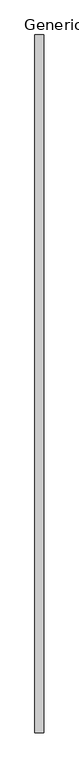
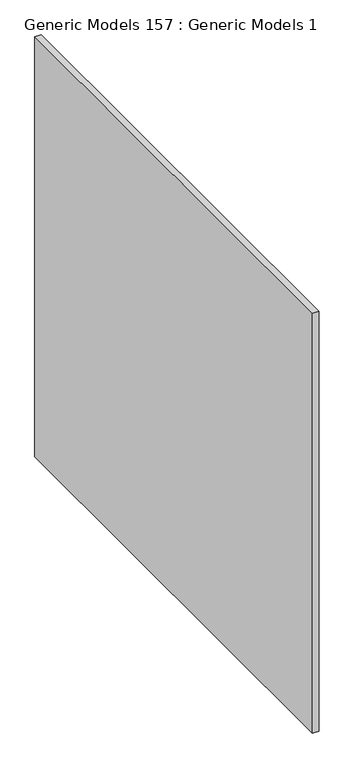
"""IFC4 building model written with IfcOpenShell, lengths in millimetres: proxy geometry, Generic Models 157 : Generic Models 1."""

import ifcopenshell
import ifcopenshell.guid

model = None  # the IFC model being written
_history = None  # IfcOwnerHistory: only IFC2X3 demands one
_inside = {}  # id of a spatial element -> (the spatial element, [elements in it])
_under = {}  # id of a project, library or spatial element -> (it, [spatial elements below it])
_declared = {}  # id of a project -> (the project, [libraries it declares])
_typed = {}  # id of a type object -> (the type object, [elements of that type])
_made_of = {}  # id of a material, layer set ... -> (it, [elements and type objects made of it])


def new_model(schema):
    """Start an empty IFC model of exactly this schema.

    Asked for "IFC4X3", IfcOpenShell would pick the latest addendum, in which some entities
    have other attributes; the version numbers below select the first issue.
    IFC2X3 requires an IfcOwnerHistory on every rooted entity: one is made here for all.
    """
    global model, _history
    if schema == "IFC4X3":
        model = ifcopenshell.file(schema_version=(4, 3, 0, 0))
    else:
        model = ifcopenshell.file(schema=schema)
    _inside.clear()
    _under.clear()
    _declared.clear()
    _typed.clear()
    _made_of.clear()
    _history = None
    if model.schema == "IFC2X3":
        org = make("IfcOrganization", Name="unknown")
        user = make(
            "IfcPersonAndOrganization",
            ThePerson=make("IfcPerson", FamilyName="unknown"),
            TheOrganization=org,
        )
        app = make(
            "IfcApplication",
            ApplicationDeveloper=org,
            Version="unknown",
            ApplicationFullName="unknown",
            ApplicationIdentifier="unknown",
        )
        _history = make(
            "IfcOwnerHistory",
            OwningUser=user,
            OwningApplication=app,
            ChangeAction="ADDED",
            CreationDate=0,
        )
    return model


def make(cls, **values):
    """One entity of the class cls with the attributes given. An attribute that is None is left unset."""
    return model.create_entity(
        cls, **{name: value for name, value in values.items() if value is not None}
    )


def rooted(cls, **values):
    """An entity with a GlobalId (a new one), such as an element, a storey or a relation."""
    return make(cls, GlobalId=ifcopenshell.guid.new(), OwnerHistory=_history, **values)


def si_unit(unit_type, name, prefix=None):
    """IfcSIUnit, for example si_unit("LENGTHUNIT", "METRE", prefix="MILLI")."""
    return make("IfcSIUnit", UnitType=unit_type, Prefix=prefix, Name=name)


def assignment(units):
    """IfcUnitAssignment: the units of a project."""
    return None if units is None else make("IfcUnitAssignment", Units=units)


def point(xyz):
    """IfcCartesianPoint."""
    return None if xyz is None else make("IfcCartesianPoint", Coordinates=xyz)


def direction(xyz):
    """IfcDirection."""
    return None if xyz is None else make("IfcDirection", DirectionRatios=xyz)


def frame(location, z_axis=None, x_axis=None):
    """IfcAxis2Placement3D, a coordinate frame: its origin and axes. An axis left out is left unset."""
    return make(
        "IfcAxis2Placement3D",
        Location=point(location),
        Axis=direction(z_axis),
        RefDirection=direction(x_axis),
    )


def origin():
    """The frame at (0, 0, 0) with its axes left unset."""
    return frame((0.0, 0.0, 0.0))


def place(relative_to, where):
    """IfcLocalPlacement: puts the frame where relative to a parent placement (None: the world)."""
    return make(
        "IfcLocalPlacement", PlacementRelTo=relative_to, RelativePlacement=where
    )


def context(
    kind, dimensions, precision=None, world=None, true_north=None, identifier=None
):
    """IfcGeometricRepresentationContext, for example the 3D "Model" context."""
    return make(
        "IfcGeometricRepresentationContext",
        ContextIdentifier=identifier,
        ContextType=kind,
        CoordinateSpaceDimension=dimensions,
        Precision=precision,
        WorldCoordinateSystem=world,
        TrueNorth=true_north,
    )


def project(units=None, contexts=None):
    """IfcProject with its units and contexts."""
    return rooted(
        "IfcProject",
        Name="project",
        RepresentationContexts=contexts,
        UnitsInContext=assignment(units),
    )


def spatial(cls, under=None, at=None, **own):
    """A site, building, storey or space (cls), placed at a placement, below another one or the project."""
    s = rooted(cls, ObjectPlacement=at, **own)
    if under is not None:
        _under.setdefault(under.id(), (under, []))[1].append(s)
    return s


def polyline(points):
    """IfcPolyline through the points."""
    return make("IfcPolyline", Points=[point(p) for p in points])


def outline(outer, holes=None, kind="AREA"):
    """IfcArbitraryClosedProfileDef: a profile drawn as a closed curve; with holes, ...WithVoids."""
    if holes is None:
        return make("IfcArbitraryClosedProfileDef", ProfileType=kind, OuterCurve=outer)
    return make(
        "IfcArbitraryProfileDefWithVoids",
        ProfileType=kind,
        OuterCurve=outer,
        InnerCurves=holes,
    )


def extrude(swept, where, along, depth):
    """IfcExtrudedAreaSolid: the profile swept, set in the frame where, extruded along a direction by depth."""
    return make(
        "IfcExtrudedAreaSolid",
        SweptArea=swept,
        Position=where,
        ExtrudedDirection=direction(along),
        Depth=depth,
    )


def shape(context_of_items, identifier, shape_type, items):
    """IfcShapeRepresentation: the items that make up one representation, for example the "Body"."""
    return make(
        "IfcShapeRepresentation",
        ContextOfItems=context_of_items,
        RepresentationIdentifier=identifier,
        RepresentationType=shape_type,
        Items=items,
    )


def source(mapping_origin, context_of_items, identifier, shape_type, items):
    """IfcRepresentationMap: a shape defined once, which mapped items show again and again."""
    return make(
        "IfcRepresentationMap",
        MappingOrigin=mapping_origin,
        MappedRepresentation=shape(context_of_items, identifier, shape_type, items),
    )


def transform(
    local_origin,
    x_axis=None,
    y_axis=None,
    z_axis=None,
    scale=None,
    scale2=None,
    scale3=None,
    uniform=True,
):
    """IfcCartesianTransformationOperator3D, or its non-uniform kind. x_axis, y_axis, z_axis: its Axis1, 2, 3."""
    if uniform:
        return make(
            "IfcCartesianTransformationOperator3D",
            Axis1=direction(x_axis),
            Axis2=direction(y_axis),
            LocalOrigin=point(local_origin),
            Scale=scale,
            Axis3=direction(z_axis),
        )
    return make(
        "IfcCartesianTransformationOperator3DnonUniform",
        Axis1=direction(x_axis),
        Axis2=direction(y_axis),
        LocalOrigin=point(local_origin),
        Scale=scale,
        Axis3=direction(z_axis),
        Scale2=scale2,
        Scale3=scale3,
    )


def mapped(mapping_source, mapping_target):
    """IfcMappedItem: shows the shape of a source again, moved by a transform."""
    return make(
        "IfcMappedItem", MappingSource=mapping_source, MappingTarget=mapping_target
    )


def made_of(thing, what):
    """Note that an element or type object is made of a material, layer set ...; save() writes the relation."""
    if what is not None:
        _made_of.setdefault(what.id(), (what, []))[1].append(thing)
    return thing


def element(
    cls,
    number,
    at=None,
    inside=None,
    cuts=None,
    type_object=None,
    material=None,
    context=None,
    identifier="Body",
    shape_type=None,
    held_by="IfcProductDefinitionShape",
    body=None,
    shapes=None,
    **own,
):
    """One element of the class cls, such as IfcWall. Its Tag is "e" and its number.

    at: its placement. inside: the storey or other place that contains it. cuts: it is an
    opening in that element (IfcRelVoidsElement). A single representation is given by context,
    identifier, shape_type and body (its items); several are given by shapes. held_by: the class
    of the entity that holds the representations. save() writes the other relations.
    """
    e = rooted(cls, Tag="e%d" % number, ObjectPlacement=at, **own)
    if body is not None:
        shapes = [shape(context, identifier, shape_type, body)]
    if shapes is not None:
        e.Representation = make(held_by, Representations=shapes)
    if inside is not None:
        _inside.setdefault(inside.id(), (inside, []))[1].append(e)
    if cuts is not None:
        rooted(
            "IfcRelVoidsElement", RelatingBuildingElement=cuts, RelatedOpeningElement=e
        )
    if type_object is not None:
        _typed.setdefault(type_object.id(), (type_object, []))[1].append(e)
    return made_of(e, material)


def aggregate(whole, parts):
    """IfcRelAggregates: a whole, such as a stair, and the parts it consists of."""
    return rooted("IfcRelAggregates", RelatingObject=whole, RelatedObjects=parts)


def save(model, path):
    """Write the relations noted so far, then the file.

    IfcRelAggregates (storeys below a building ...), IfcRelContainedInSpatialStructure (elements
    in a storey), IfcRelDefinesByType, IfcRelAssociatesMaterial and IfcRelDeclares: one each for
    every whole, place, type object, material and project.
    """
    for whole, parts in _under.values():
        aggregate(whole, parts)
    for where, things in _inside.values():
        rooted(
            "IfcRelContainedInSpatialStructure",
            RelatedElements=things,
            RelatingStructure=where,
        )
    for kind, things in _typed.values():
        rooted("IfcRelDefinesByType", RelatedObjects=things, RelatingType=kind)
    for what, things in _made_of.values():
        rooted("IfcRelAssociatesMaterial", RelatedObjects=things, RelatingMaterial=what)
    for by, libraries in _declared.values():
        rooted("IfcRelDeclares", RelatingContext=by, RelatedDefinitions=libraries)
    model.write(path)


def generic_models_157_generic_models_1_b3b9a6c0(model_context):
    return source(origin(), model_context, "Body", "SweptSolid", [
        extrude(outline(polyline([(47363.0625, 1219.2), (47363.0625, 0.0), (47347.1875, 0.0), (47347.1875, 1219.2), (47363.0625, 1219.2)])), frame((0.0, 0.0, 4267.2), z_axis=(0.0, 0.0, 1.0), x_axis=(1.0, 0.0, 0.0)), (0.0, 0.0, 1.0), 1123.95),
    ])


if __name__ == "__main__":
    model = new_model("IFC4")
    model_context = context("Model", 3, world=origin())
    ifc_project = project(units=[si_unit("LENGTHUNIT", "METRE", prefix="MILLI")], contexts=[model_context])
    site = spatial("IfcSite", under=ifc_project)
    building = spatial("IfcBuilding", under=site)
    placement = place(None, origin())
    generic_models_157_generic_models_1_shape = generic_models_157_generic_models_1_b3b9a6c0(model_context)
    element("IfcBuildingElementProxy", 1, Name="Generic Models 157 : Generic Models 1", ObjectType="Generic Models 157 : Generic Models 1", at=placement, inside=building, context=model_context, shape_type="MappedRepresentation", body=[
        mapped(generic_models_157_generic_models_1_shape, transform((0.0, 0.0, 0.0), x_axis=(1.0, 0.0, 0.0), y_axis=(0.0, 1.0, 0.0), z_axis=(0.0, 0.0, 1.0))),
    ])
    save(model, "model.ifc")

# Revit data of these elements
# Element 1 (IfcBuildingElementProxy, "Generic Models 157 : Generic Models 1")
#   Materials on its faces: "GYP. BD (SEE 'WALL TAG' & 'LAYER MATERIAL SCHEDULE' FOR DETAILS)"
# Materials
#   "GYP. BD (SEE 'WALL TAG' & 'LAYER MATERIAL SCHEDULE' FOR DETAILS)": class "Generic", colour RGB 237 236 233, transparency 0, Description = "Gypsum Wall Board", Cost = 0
********
* _What is expected_:
From the entries, report each line that includes the word "example".

* _Answer to this exercise_:
    """IfcSIUnit, for example si_unit("LENGTHUNIT", "METRE", prefix="MILLI")."""
    """IfcGeometricRepresentationContext, for example the 3D "Model" context."""
    """IfcShapeRepresentation: the items that make up one representation, for example the "Body"."""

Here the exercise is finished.